Market Commentary May 2021

US inflation on the rise

Expectations of rising inflation became reality in May, as the latest inflation print from the US showed a year-on-year rise of 4.2%. Although the year-on-year comparison is flattered by a low inflation figure twelve months ago, there are still a number of drivers behind this headline figure, including the effects from the Fed’s aggressive fiscal and monetary easing, the narrowing of spare economic capacity, rising input costs (raw materials and energy) and the combination of the unwinding of pent-up consumer demand and supply-side constraints resulting from Covid.

European markets continue to rebound strongly

Strong gains were seen once again across the European markets, as investors continued to look past the current difficulties surrounding the Covid vaccination programmes, and out to the wider global economic recovery. Smaller EU nations were particularly strong, driven by good uplifts in GDP reported in the first quarter. Some smaller markets have returned more than 20% so fa this year. The Euro Stoxx 50 Index hit a new high on 1st June.

Commodities resume strong upward trend

Commodity prices around the world resumed their strong upward trajectory, with gains across the board. Energy commodities (oil, coal etc.) gained another 7.1%, making a total gain of more than 35% so far this year. Meanwhile, agricultural commodities (wheat, soy beans, coffee etc.) gained 5.7% (14.4% YTD), fertilizers rose by 4.4% (34.6% YTD) and metals and minerals gained 9.1% (26.2% YTD). Precious metals also rebounded strongly, with gold erasing all its year-to-date losses.
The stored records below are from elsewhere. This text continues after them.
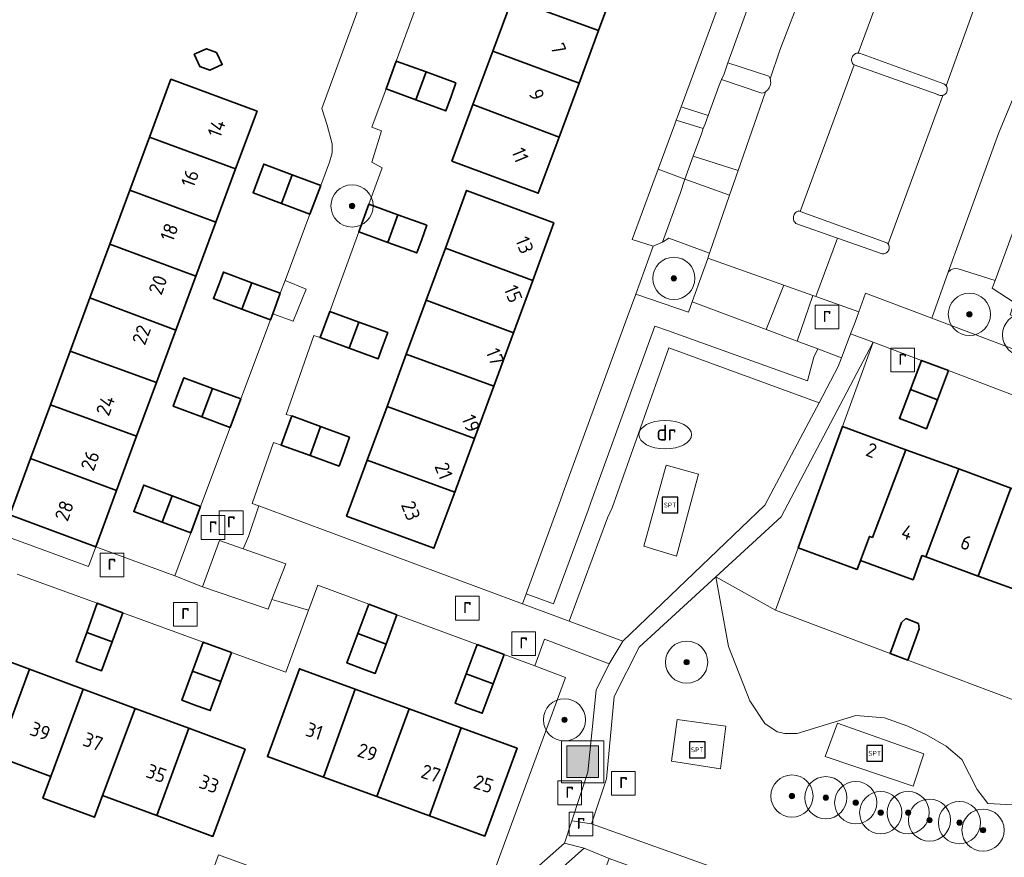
# Model space of a CAD drawing. Extents: x 154222 to 160093, y 456746 to 462495.
# Tile 251 of 256: x 158883 to 158976, y 461109 to 461188. Entities that reach past the tile are written whole.
import ezdxf
from ezdxf.enums import TextEntityAlignment as Align

# ---------------------------------------------------------------- set-up
doc = ezdxf.new("R2010")
doc.units = 0
doc.header["$LTSCALE"] = 0.75
doc.layers.get('0').update_dxf_attribs({"linetype": 'CONTINUOUS'})
for name, color, linetype, lineweight in [('B-XX-GR-BEPLANTING_CULTUUR_BODEMBEDEKKER-GV', 252, 'CONTINUOUS', 18), ('B-XX-GR-BEPLANTING_CULTUUR_BOSPLANTSOEN-GV', 252, 'CONTINUOUS', 18), ('B-XX-GR-BEPLANTING_CULTUUR_HEESTERS-GV', 252, 'CONTINUOUS', 18), ('B-XX-GR-BEPLANTING_CULTUUR_ROOS-GV', 252, 'CONTINUOUS', 18), ('B-XX-GR-BEPLANTING_CULTUUR_VASTE PLANTENVAK-GV', 252, 'CONTINUOUS', 18), ('B-XX-GR-BOOM-S', 252, 'CONTINUOUS', 25), ('B-XX-IE-MEUBILAIR_WEGMEUBILAIR-S', 252, 'CONTINUOUS', 25), ('B-XX-OG-BEBOUWING-GV', 6, 'CONTINUOUS', 35), ('B-XX-OG-BEBOUWING-T18', 1, 'CONTINUOUS', 18), ('B-XX-OG-TERREIN_CULTUURSCHEIDING-GV', 252, 'CONTINUOUS', 18), ('B-XX-OG-TERREIN_ERF-GV', 252, 'CONTINUOUS', 18), ('B-XX-RI-DRAINAGE_PUT-S', 252, 'CONTINUOUS', 25), ('B-XX-RI-GWA_RIOOLPUT-S', 252, 'CONTINUOUS', 25), ('B-XX-VH-VERHARDING_BETONSTRAATSTEEN-GV', 252, 'CONTINUOUS', 18), ('B-XX-VH-VERHARDING_STRAATBAKSTEEN-GV', 252, 'CONTINUOUS', 18), ('B-XX-VH-VERHARDING_TEGEL-GV', 252, 'CONTINUOUS', 18), ('B-XX-VH-VERHARDING_TEGEL_RUBBER-GV', 252, 'CONTINUOUS', 18)]:
    doc.layers.add(name, color=color, linetype=linetype, lineweight=lineweight)
doc.styles.add('NLCS-ISO', font='NLCS-ISO.ttf')
doc.styles.add('NLCS-ISO-M-T18', font='NLCS-ISO.ttf', dxfattribs={"height": 1.8})

# ---------------------------------------------------------------- blocks, each defined once
blk = doc.blocks.new('SIE-WEG_AFVALBAK-SO')
at = {"linetype": 'ByBlock', "lineweight": 18}
h = blk.add_hatch(color=0, dxfattribs=at)
h.dxf.hatch_style = 1
h.paths.add_polyline_path([(-1.5, -1.5), (1.5, -1.5), (1.5, 1.5), (-1.5, 1.5)])
at = {"color": 0, "linetype": 'ByBlock', "lineweight": 18}
for points in [[(-2, -2), (2, -2), (2, 2), (-2, 2)], [(-1.5, -1.5), (1.5, -1.5), (1.5, 1.5), (-1.5, 1.5)]]:
    blk.add_lwpolyline(points, close=True, dxfattribs=at)
blk = doc.blocks.new('SRI-PUT_INSPECTIEPUT_RIOOLPUT-SO')
at = {"color": 0, "linetype": 'ByBlock', "lineweight": 18}
blk.add_lwpolyline([(-1.125, -1.125), (1.125, -1.125), (1.125, 1.125), (-1.125, 1.125)], close=True, dxfattribs=at)
at = {"color": 0, "linetype": 'ByBlock', "lineweight": 18, "style": 'NLCS-ISO'}
blk.add_text('r', height=1.5, dxfattribs=at).set_placement((0, 0.283), align=Align.MIDDLE_CENTER)
blk = doc.blocks.new('SKL-WATER_DRAINAGEPUT-SO')
at = {"color": 0, "linetype": 'ByBlock', "lineweight": 18}
blk.add_ellipse((0, 0), major_axis=(2.5, 0), ratio=0.54, dxfattribs=at)
at = {"color": 0, "linetype": 'ByBlock', "lineweight": 18, "style": 'NLCS-ISO'}
blk.add_text('dr', height=1.5, dxfattribs=at).set_placement((0.117, 0.194), align=Align.MIDDLE_CENTER)
blk = doc.blocks.new('SIE-WEG_SPEELTOESTEL-SO')
at = {"flags": 128}
blk.add_lwpolyline([(-0.75, -0.75), (0.75, -0.75), (0.75, 0.75), (-0.75, 0.75)], close=True, dxfattribs=at)
at = {"style": 'NLCS-ISO'}
blk.add_text('SPT', height=0.45, dxfattribs=at).set_placement((0, 0), align=Align.MIDDLE_CENTER)
blk = doc.blocks.new('SGR-BOOM_01-SO')
at = {"linetype": 'ByBlock', "lineweight": 18}
h = blk.add_hatch(color=0, dxfattribs=at)
h.dxf.hatch_style = 1
edge = h.paths.add_edge_path()
edge.add_arc((0, 0), 0.25, 0, 360)
at = {"color": 0, "linetype": 'ByBlock', "lineweight": 18}
for radius in [2, 0.25]:
    blk.add_circle((0, 0), radius, dxfattribs=at)

msp = doc.modelspace()

# ---------------------------------------------------------------- linework, layer by layer
at = {"layer": 'B-XX-GR-BEPLANTING_CULTUUR_BODEMBEDEKKER-GV'}
msp.add_lwpolyline([(158944.394, 461158.959), (158943.099, 461159.423), (158937.04, 461142.708), (158936.799, 461141.981), (158933.514, 461133.123), (158930.934, 461134.066), (158930.583, 461133.106), (158934.997, 461131.47), (158938.628, 461141.264), (158939.054, 461142.2), (158944.43, 461157.364), (158958.678, 461152.163), (158960.491, 461155.588), (158960.807, 461156.428), (158958.549, 461157.274), (158958.186, 461156.479), (158957.585, 461154.237), (158944.657, 461158.865)], close=True, dxfattribs=at)
at = {"layer": 'B-XX-GR-BEPLANTING_CULTUUR_BOSPLANTSOEN-GV'}
msp.add_lwpolyline([(158985.555, 461120.812), (158967.088, 461127.782), (158965.403, 461128.418), (158954.55, 461132.514), (158948.898, 461135.664), (158950.101, 461129.075), (158952.123, 461123.914), (158953.53, 461121.779), (158954.696, 461121), (158955.426, 461120.843), (158956.611, 461120.836), (158962.141, 461122.533), (158964.869, 461122.321), (158967.08, 461121.518), (158968.842, 461120.691), (158970.706, 461119.631), (158972.189, 461118.377), (158973.657, 461115.529), (158974.663, 461114.19), (158998.736, 461112.911)], dxfattribs=at)
for points in [[(158938.788, 461127.428), (158932.674, 461129.752), (158931.733, 461127.224), (158934.661, 461126.137), (158925.311, 461100.756), (158924.103, 461096.938), (158927.955, 461095.376), (158930.217, 461106.63), (158934.555, 461110.451), (158935.254, 461112.563), (158936.778, 461117.164), (158937.548, 461124.922)], [(158865.964, 461113.451), (158856.741, 461118.76), (158865.748, 461109.245), (158869.31, 461105.482), (158872.213, 461104.309), (158898.742, 461096.995), (158899.83, 461096.907), (158899.96, 461096.897), (158906.408, 461104.113), (158924.103, 461096.938), (158925.311, 461100.756), (158901.777, 461109.336), (158898.795, 461101.142), (158866.917, 461112.902)], [(158938.792, 461109), (158936.408, 461109.959), (158931.92, 461105.987), (158928.555, 461089.928), (158931.053, 461087.759), (158934.002, 461095.868), (158937.095, 461104.35)]]:
    msp.add_lwpolyline(points, close=True, dxfattribs=at)
at = {"layer": 'B-XX-GR-BEPLANTING_CULTUUR_HEESTERS-GV'}
for points in [[(158961.106, 461200.864), (158957.724, 461202.666), (158956.714, 461200.397), (158953.503, 461201.564), (158945.61, 461180.2), (158948.156, 461179.363), (158949.173, 461182.151), (158949.438, 461182.768), (158949.668, 461183.305), (158950.041, 461184.342), (158954.914, 461197.885), (158955.146, 461198.432), (158959.432, 461197.216), (158959.817, 461197.107)], [(158947.706, 461178.13), (158945.145, 461178.94), (158945.003, 461178.556), (158943.42, 461174.27), (158945.956, 461173.333), (158946.755, 461175.524), (158947.522, 461177.626)], [(158971.856, 461164.831), (158971.578, 461164.874), (158971.396, 461164.848), (158971.17, 461164.734), (158970.914, 461164.54), (158969.366, 461160.167), (158985.027, 461154.243), (158986.193, 461157.067), (158976.78, 461160.5), (158976.982, 461161.177), (158977.17, 461161.668), (158975.073, 461163.007), (158975.342, 461163.742)], [(158910.074, 461162.927), (158908.081, 461163.73), (158907.63, 461162.525), (158906.907, 461160.59), (158908.844, 461159.901)], [(158946.308, 461160.728), (158941.304, 461162.432), (158940.505, 461160.247), (158934.441, 461143.658), (158934.176, 461142.934), (158930.934, 461134.066), (158933.514, 461133.123), (158936.799, 461141.981), (158937.04, 461142.708), (158943.099, 461159.423), (158944.394, 461158.959), (158944.657, 461158.865), (158957.585, 461154.237), (158958.186, 461156.479), (158958.549, 461157.274), (158956.595, 461158.006), (158953.669, 461159.103), (158946.664, 461161.728)], [(158960.889, 461149.901), (158963.8, 461157.887), (158955.096, 461141.358), (158948.898, 461135.664), (158954.55, 461132.514), (158956.702, 461138.417), (158957.842, 461141.543)], [(158904.121, 461138.319), (158901.879, 461139.114), (158900.251, 461134.714), (158906.476, 461132.602), (158906.831, 461133.52), (158908.139, 461136.897)]]:
    msp.add_lwpolyline(points, close=True, dxfattribs=at)
at = {"layer": 'B-XX-GR-BEPLANTING_CULTUUR_ROOS-GV'}
msp.add_lwpolyline([(158986.32, 461187.05), (158984.129, 461187.86), (158981.735, 461181.35), (158981.605, 461180.996), (158981.406, 461180.457), (158981.16, 461179.793), (158978.785, 461173.229), (158978.34, 461171.926), (158975.342, 461163.742), (158975.073, 461163.007), (158977.17, 461161.668), (158977.814, 461163.455)], close=True, dxfattribs=at)
at = {"layer": 'B-XX-GR-BEPLANTING_CULTUUR_VASTE PLANTENVAK-GV'}
for points in [[(158945.956, 461173.333), (158943.42, 461174.27), (158942.927, 461172.935), (158940.969, 461167.637), (158942.967, 461166.981), (158943.829, 461167.37), (158945.512, 461171.98)], [(158948.288, 461166.313), (158944.453, 461167.741), (158943.829, 461167.37), (158942.967, 461166.981), (158941.304, 461162.432), (158946.308, 461160.728), (158946.664, 461161.728), (158947.628, 461164.44), (158948.089, 461165.738), (158948.13, 461165.858)], [(158958.086, 461162.318), (158955.319, 461163.302), (158953.669, 461159.103), (158956.595, 461158.006)]]:
    msp.add_lwpolyline(points, close=True, dxfattribs=at)
at = {"layer": 'B-XX-OG-BEBOUWING-GV'}
for points in [[(158939.648, 461192.426), (158931.455, 461195.436), (158929.587, 461190.403), (158937.783, 461187.404)], [(158937.783, 461187.404), (158929.587, 461190.403), (158927.75, 461185.456), (158935.938, 461182.434)], [(158901.577, 461185.344), (158900.64, 461185.693), (158899.477, 461185.176), (158900.013, 461184.005), (158900.95, 461183.657), (158902.132, 461184.198)], [(158935.938, 461182.434), (158927.75, 461185.456), (158925.871, 461180.394), (158934.04, 461177.32)], [(158921.44, 461183.489), (158918.613, 461184.526), (158917.644, 461181.881), (158920.471, 461180.845)], [(158924.271, 461182.452), (158921.44, 461183.489), (158920.471, 461180.845), (158923.302, 461179.807), (158923.804, 461181.172)], [(158905.423, 461179.783), (158897.268, 461182.802), (158895.237, 461177.316), (158903.394, 461174.302)], [(158934.04, 461177.32), (158925.871, 461180.394), (158923.886, 461175.046), (158932.068, 461172.008)], [(158903.394, 461174.302), (158895.237, 461177.316), (158893.381, 461172.304), (158901.53, 461169.268)], [(158908.759, 461173.75), (158906.062, 461174.759), (158905.587, 461173.492), (158905.046, 461172.044), (158907.743, 461171.035)], [(158911.453, 461172.743), (158908.759, 461173.75), (158907.743, 461171.035), (158910.437, 461170.028)], [(158901.53, 461169.268), (158893.381, 461172.304), (158891.486, 461167.186), (158899.633, 461164.147)], [(158933.557, 461169.213), (158925.279, 461172.265), (158923.264, 461166.799), (158931.544, 461163.753)], [(158918.767, 461169.971), (158916.023, 461170.971), (158915.07, 461168.353), (158917.811, 461167.353)], [(158921.512, 461168.97), (158918.767, 461169.971), (158917.811, 461167.353), (158920.557, 461166.352), (158921.023, 461167.624)], [(158899.633, 461164.147), (158891.486, 461167.186), (158889.597, 461162.084), (158897.743, 461159.041)], [(158931.544, 461163.753), (158923.264, 461166.799), (158921.45, 461161.879), (158929.713, 461158.786)], [(158904.935, 461163.532), (158902.239, 461164.541), (158901.79, 461163.342), (158901.296, 461162.018), (158903.991, 461161.01)], [(158907.63, 461162.525), (158904.935, 461163.532), (158903.991, 461161.01), (158906.687, 461160.002), (158906.907, 461160.59)], [(158897.743, 461159.041), (158889.597, 461162.084), (158887.736, 461157.057), (158895.9, 461154.064)], [(158929.713, 461158.786), (158921.45, 461161.879), (158919.562, 461156.756), (158927.848, 461153.726)], [(158915.057, 461159.797), (158912.316, 461160.797), (158911.416, 461158.327), (158914.156, 461157.328)], [(158917.803, 461158.797), (158915.057, 461159.797), (158914.156, 461157.328), (158916.903, 461156.327), (158917.354, 461157.563)], [(158895.9, 461154.064), (158887.736, 461157.057), (158885.844, 461151.949), (158894.018, 461148.98)], [(158927.848, 461153.726), (158919.562, 461156.756), (158917.741, 461151.817), (158926.02, 461148.768)], [(158970.924, 461155.2), (158968.361, 461156.167), (158967.321, 461153.412), (158969.885, 461152.446)], [(158901.191, 461153.522), (158898.495, 461154.531), (158898.027, 461153.284), (158897.486, 461151.833), (158900.183, 461150.825)], [(158903.886, 461152.515), (158901.191, 461153.522), (158900.183, 461150.825), (158902.877, 461149.817)], [(158969.885, 461152.446), (158967.321, 461153.412), (158966.283, 461150.658), (158967.806, 461150.082), (158968.847, 461149.692)], [(158894.018, 461148.98), (158885.844, 461151.949), (158883.967, 461146.879), (158892.121, 461143.856)], [(158926.02, 461148.768), (158917.741, 461151.817), (158915.867, 461146.733), (158924.15, 461143.696)], [(158911.451, 461149.905), (158908.71, 461150.906), (158907.707, 461148.155), (158910.448, 461147.156)], [(158914.197, 461148.905), (158911.451, 461149.905), (158910.448, 461147.156), (158913.194, 461146.154), (158913.697, 461147.528)], [(158960.889, 461149.901), (158957.842, 461141.543), (158956.702, 461138.417), (158962.294, 461136.378), (158962.598, 461137.207), (158963.437, 461139.502), (158963.722, 461139.399), (158966.899, 461147.709)], [(158971.901, 461145.885), (158966.899, 461147.709), (158963.722, 461139.399), (158963.437, 461139.502), (158962.598, 461137.207), (158967.574, 461135.392), (158968.414, 461137.688), (158968.778, 461137.555)], [(158892.121, 461143.856), (158883.967, 461146.879), (158881.99, 461141.539), (158890.145, 461138.52)], [(158924.15, 461143.696), (158915.867, 461146.733), (158913.91, 461141.424), (158922.188, 461138.373)], [(158976.852, 461144.08), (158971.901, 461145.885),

Emerging markets see inflows from investors

Emerging markets rallied once again in May, as the dollar weakened, rates remained low, and inflation began to become more visible. This is the perfect combination of factors for the emerging market economies, with their massive dollar-denominated debt and manufacturing economies. Investors have been quick to get on board with the emerging market recovery, and during May, one manager, Federated Hermes, announced that its Global Emerging Market Equity Fund would close to new investors from 15th June to maintain its liquidity and “portfolio characteristics”.



May was another positive month for equity investors generally, as all the major markets turned in gains and the emerging markets were also at the forefront once more. The reality of higher inflation numbers was established as the US headline CPI inflation rose to 4.2% and core inflation (excluding energy and food) hit 3.0%. Whilst higher inflation usually means higher interest rates, central banks appear minded to keep rates as low as possible for as long as possible to support the recovery and inflate away some of the debt that has piled up during the Covid crisis.


France was, once again, a strong performer, though Italy gave the best return in May. Despite France’s poor track record in rolling out Covid vaccinations, the CAC Index, at its peak, was up 16.9%, making it the best of the main global markets this year. Outside of the majors, many peripheral European markets saw strong growth, based on optimism for the global recovery and their own strong GDP growth in the first quarter of the year, led by Slovenia, up more than 27% so far in 2021. The pan-European Euro Stoxx 50 Index also hit a new all-time high on the morning of Tuesday 1st June.


Sterling continued its medium-term appreciation in May, benefiting from the rapid vaccine roll-out and the imminent return to “normality” expected in the second half of June. Britain has mostly maintained low single-digit deaths from the virus, despite the rise of the Indian variant. A weak dollar was the other striking feature of the currency markets, as higher inflation, coupled with a lower-for-longer monetary policy compounded the effect of the massive US trade deficit and savings shortfall to undermine the currency.


Bond markets represented an oasis of relative calm in May, amid the volatility of equities and commodities. Whilst many yields around the world remained flat, or edged lower, the total return from all sections of the global bond market was negative for Sterling investors, due to the strength of the pound during the month. Returns from sovereigns, IG corporates and high yield bonds were barely differentiated. This was despite the minutes of the latest Fed meeting reflecting some more hawkish views, that the tapering conversation should start sooner, rather than later.

*A Generic bond is a theoretical bond that always has the specified tenor, unlike a Benchmark bond, which is a physical bond, with a decreasing tenor.